*** Opening Exercise data ***

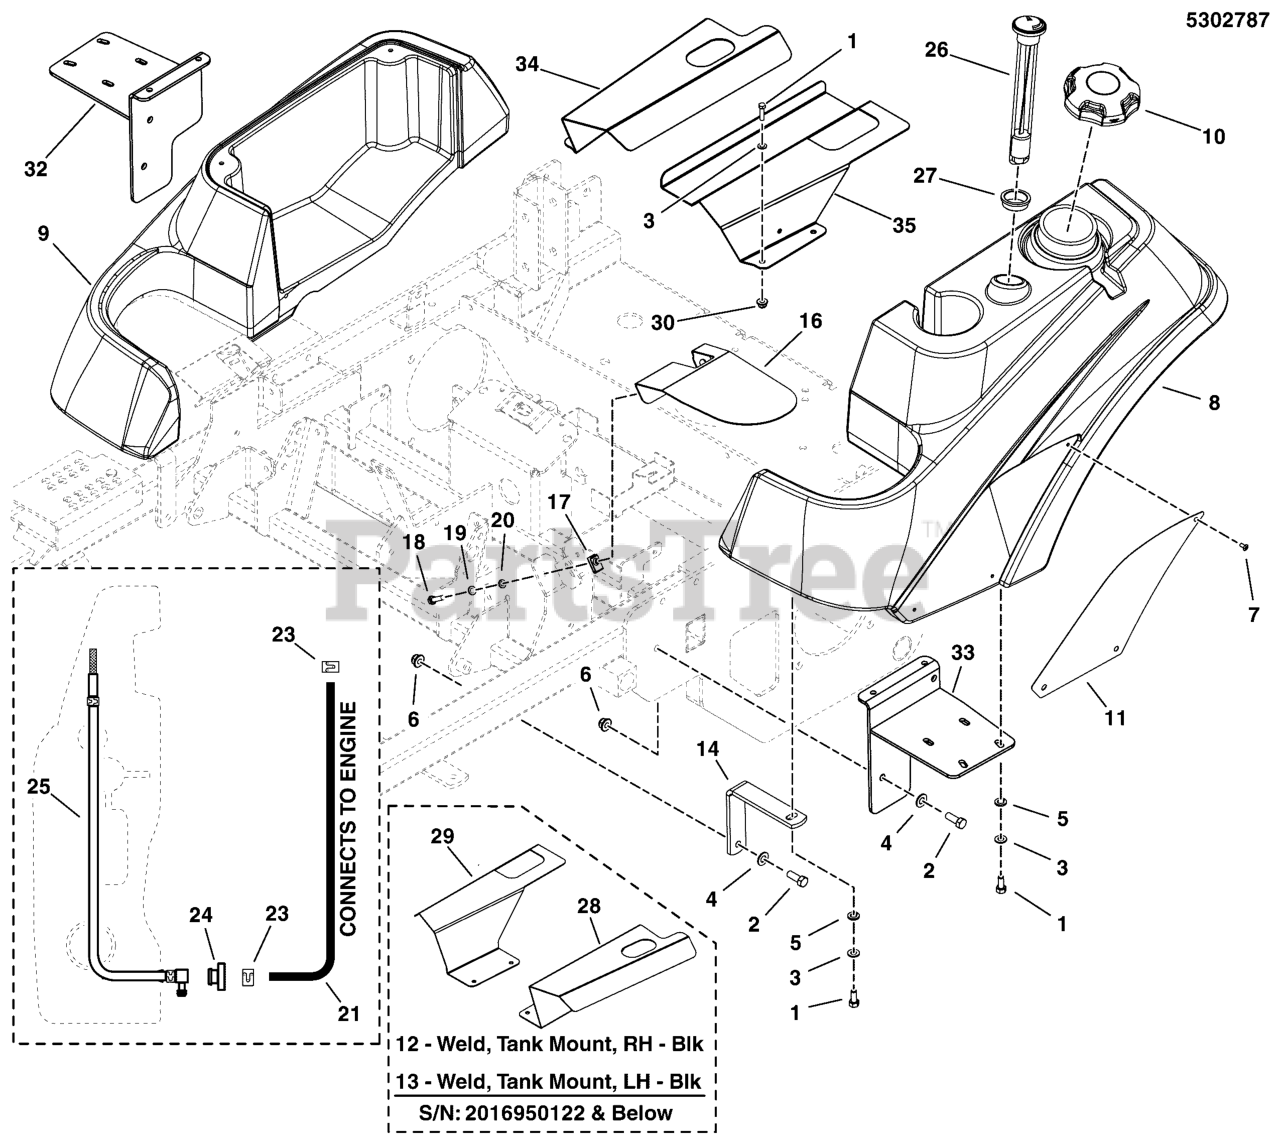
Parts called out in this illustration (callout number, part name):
1	BOLT, 5/16-18 X 3/4 GD5
2	BOLT, 3/8-16 X 1" GD5 CZ
3	WASHER, 5/16" SAE
4	WASHER, 3/8 SAE
5	WASHER, 5/16 LOCK CZ
6	NUT, 3/8-16 HEX NYLOCK FLANGE
7	SCREW, #10-24 X 3/8 ALLEN BHBZ
8	TANK, FUEL - LH, IS500 & IS1500
9	TANK, FENDER, CITATION/ZT4000 - RH
10	FUEL CAP, 3-1/2", MANAGED VENT OUT, 12"
11	BADGE, IS1500Z, RED
12	WELD, TANK MOUNT, RH - BLK
13	WELD, TANK MOUNT, LH - BLK
14	BAR, TANK MOUNT, FRONT - BLK
16	GUARD, MOTION CONTROLS, LH - BLK
17	BODY CLIP, 1/4-20 X 1/2 DEEP
18	BOLT, 1/4-20 X 1" GD5 CZ
19	WASHER, 1/4 SAE
20	WASHER, 1/4 LOCK
21	HOSE, 1/4" FUEL, 14.00"
23	CLAMP, HOSE, EXTERNAL, 1/2 - RED
24	BUSHING-FUEL TANK RED RUBBER
25	PICKUP TUBE ASM, FUEL TANK
26	GAUGE, FUEL, 12
27	GROMMET, FUEL GAUGE
28	GUARD, FUEL MOUNT, LH - BLK
29	GUARD, FUEL MOUNT, RH - BLK
30	NUT, 5/16-18 HEX NYLOCK FLANGE
32	WELD, TANK MOUNT, F200XT, RH - BLK
33	WELD, TANK MOUNT, F200XT, LH - BLK
34	GUARD, FUEL MOUNT, F200XT, RH - BLK
35	GUARD, FUEL MOUNT, F200XT, LH - BLK
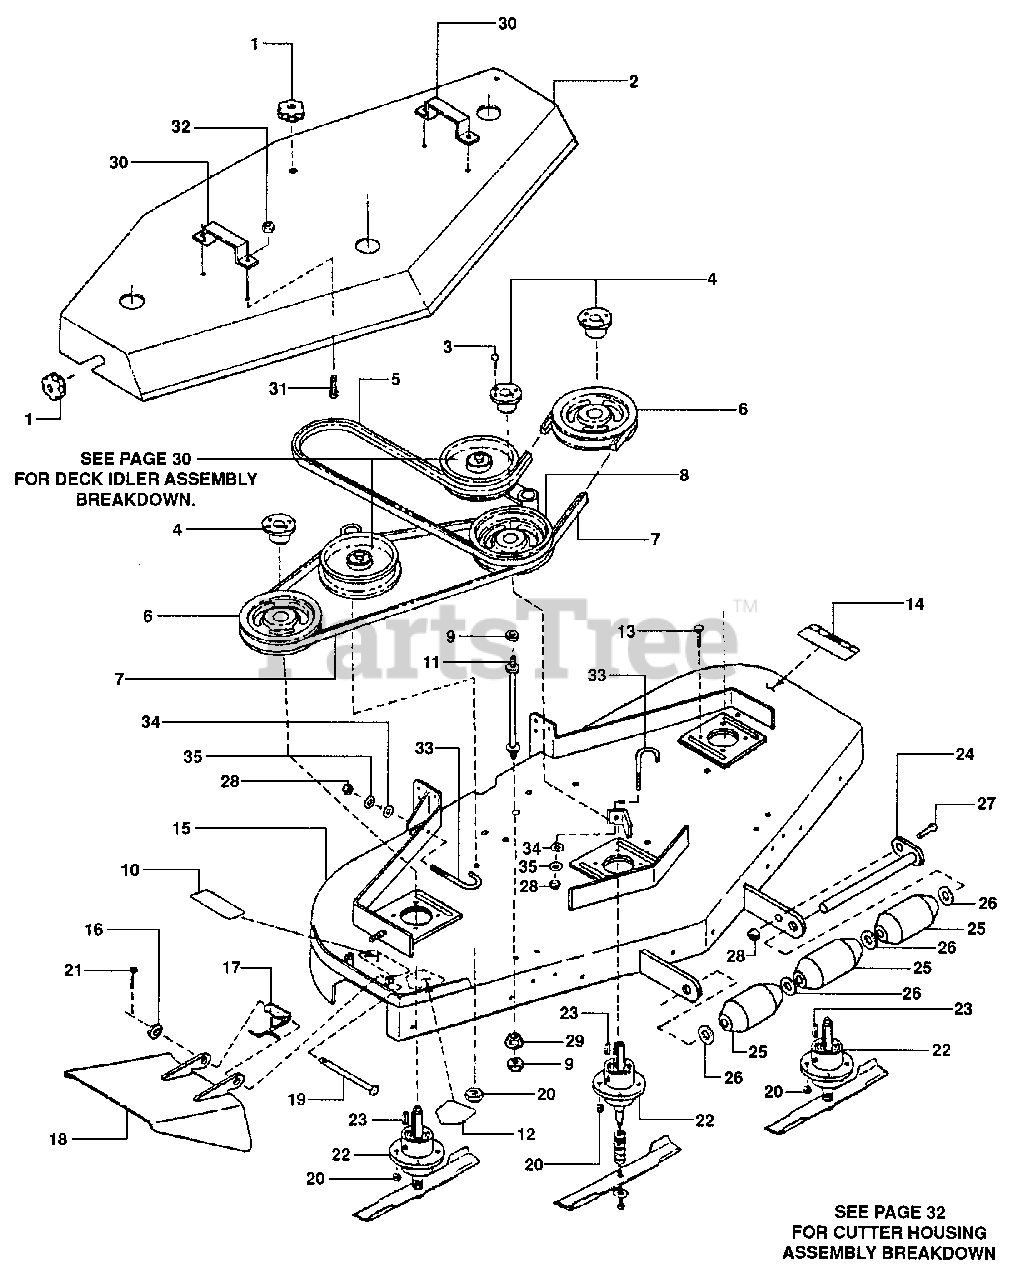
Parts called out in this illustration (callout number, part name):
1	KNOB, Hood
2	HOOD
3	BOLT, 1/4-20 x 7/8" Hex Head Cap
4	BUSHING, Taperlock
5	BELT, Engine To Deck
6	PULLEY, Cutter Blade Drive
7	BELT, Blade
8	PULLEY, Cutter Blade Drive (Double Groove)
9	NUT, 5/16-18 Hex (Nyloc)
10	DECAL, Caution
11	STUD, Hood Mount
12	DECAL, Danger
13	SCREW, 3/8-16 x 1-1/4" Hex Head Cap
14	DECAL, Caution
15	WELDMENT, 52" Deck
16	WASHER, 5/16 Flat
17	SPRING, Chute
18	DEFLECTOR, Chute, 52" Deck
19	ROD, Chute Pivot
20	NUT, 3/8-16 Hex Lock (Nyloc)
21	PIN, 3/32 x 1" Cotter
22	ASSEMBLY, Cutter Housing
23	KEY, Spindle
24	WELDMENT, Roller Pivot Pin
25	ROLLER
26	WASHER, 5/8 Flat
27	BOLT, 3/8- x 1" Hex Head
28	NUT, 3/8- Hex Lock (Nyloc)
29	NUT, 5/16-18 Hex Flange Lock
30	HANDLE
31	SCREW, 1/4- x 3/4" Hex Head Cap
32	NUT, 1/4- Hex Lock (Nyloc)
33	"S" ROD
34	WASHER, 3/8" Flat
35	WASHER, 3/8 Split Lock
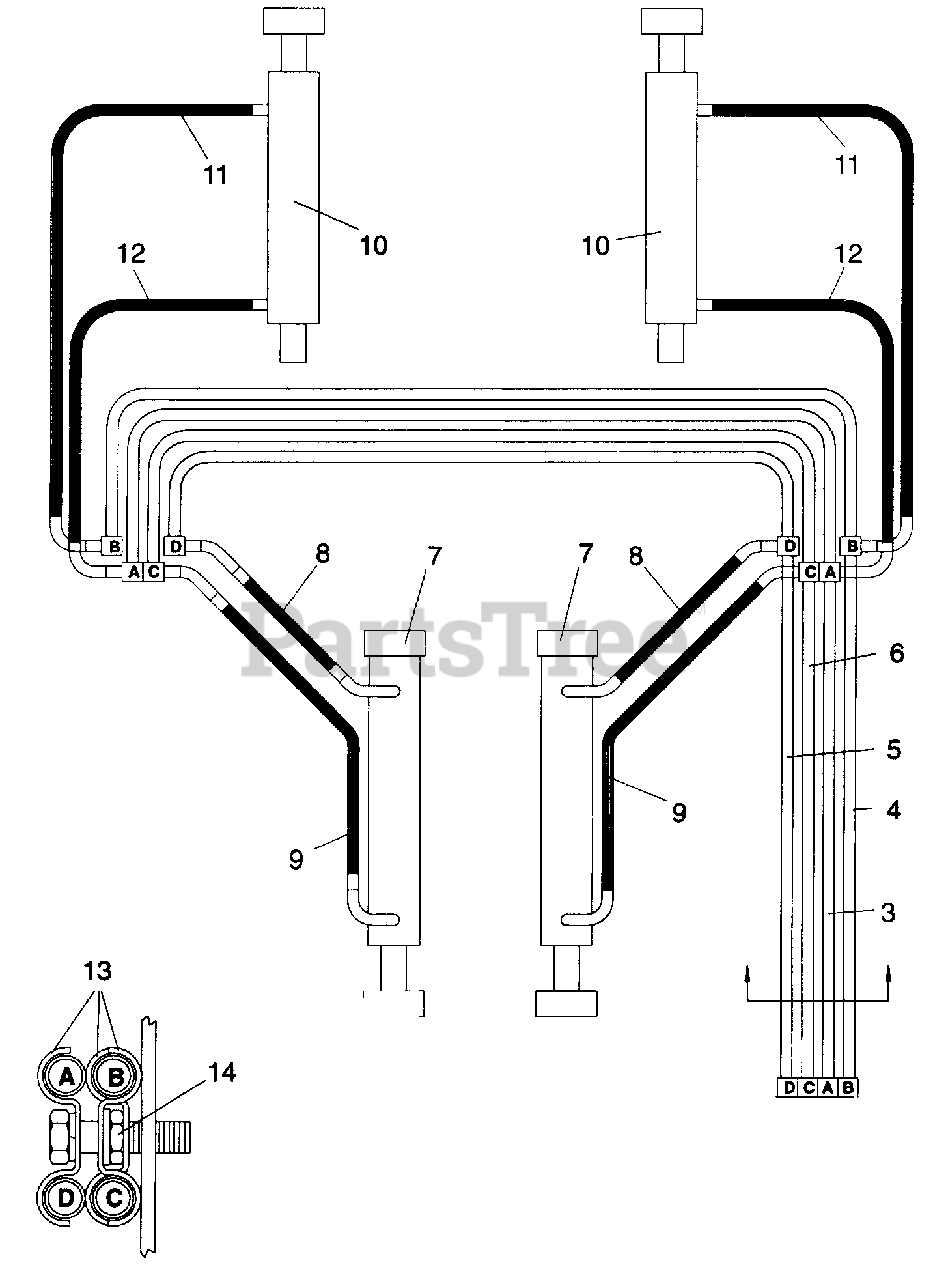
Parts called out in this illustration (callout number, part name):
3	Feedline #1
4	Feedline #2
5	Feedline #3
6	Feedline #4
7	Lift Cylinder
8	Hydraulic Hose
9	Hydraulic Hose
10	Tilt Cylinder
11	Hydraulic Hose
12	Hydraulic Hose
13	Feedline Clamp
14	Tab Weld Nut - 5/16 NC

*** Closing Exercise data ***

The job is to set down the whole listing exactly, excluding any images.

Parts called out in this illustration (callout number, part name):
1	BOLT, 5/16-18 X 3/4 GD5
2	BOLT, 3/8-16 X 1" GD5 CZ
3	WASHER, 5/16" SAE
4	WASHER, 3/8 SAE
5	WASHER, 5/16 LOCK CZ
6	NUT, 3/8-16 HEX NYLOCK FLANGE
7	SCREW, #10-24 X 3/8 ALLEN BHBZ
8	TANK, FUEL - LH, IS500 & IS1500
9	TANK, FENDER, CITATION/ZT4000 - RH
10	FUEL CAP, 3-1/2", MANAGED VENT OUT, 12"
11	BADGE, IS1500Z, RED
12	WELD, TANK MOUNT, RH - BLK
13	WELD, TANK MOUNT, LH - BLK
14	BAR, TANK MOUNT, FRONT - BLK
16	GUARD, MOTION CONTROLS, LH - BLK
17	BODY CLIP, 1/4-20 X 1/2 DEEP
18	BOLT, 1/4-20 X 1" GD5 CZ
19	WASHER, 1/4 SAE
20	WASHER, 1/4 LOCK
21	HOSE, 1/4" FUEL, 14.00"
23	CLAMP, HOSE, EXTERNAL, 1/2 - RED
24	BUSHING-FUEL TANK RED RUBBER
25	PICKUP TUBE ASM, FUEL TANK
26	GAUGE, FUEL, 12
27	GROMMET, FUEL GAUGE
28	GUARD, FUEL MOUNT, LH - BLK
29	GUARD, FUEL MOUNT, RH - BLK
30	NUT, 5/16-18 HEX NYLOCK FLANGE
32	WELD, TANK MOUNT, F200XT, RH - BLK
33	WELD, TANK MOUNT, F200XT, LH - BLK
34	GUARD, FUEL MOUNT, F200XT, RH - BLK
35	GUARD, FUEL MOUNT, F200XT, LH - BLK
Parts called out in this illustration (callout number, part name):
1	KNOB, Hood
2	HOOD
3	BOLT, 1/4-20 x 7/8" Hex Head Cap
4	BUSHING, Taperlock
5	BELT, Engine To Deck
6	PULLEY, Cutter Blade Drive
7	BELT, Blade
8	PULLEY, Cutter Blade Drive (Double Groove)
9	NUT, 5/16-18 Hex (Nyloc)
10	DECAL, Caution
11	STUD, Hood Mount
12	DECAL, Danger
13	SCREW, 3/8-16 x 1-1/4" Hex Head Cap
14	DECAL, Caution
15	WELDMENT, 52" Deck
16	WASHER, 5/16 Flat
17	SPRING, Chute
18	DEFLECTOR, Chute, 52" Deck
19	ROD, Chute Pivot
20	NUT, 3/8-16 Hex Lock (Nyloc)
21	PIN, 3/32 x 1" Cotter
22	ASSEMBLY, Cutter Housing
23	KEY, Spindle
24	WELDMENT, Roller Pivot Pin
25	ROLLER
26	WASHER, 5/8 Flat
27	BOLT, 3/8- x 1" Hex Head
28	NUT, 3/8- Hex Lock (Nyloc)
29	NUT, 5/16-18 Hex Flange Lock
30	HANDLE
31	SCREW, 1/4- x 3/4" Hex Head Cap
32	NUT, 1/4- Hex Lock (Nyloc)
33	"S" ROD
34	WASHER, 3/8" Flat
35	WASHER, 3/8 Split Lock
Parts called out in this illustration (callout number, part name):
3	Feedline #1
4	Feedline #2
5	Feedline #3
6	Feedline #4
7	Lift Cylinder
8	Hydraulic Hose
9	Hydraulic Hose
10	Tilt Cylinder
11	Hydraulic Hose
12	Hydraulic Hose
13	Feedline Clamp
14	Tab Weld Nut - 5/16 NC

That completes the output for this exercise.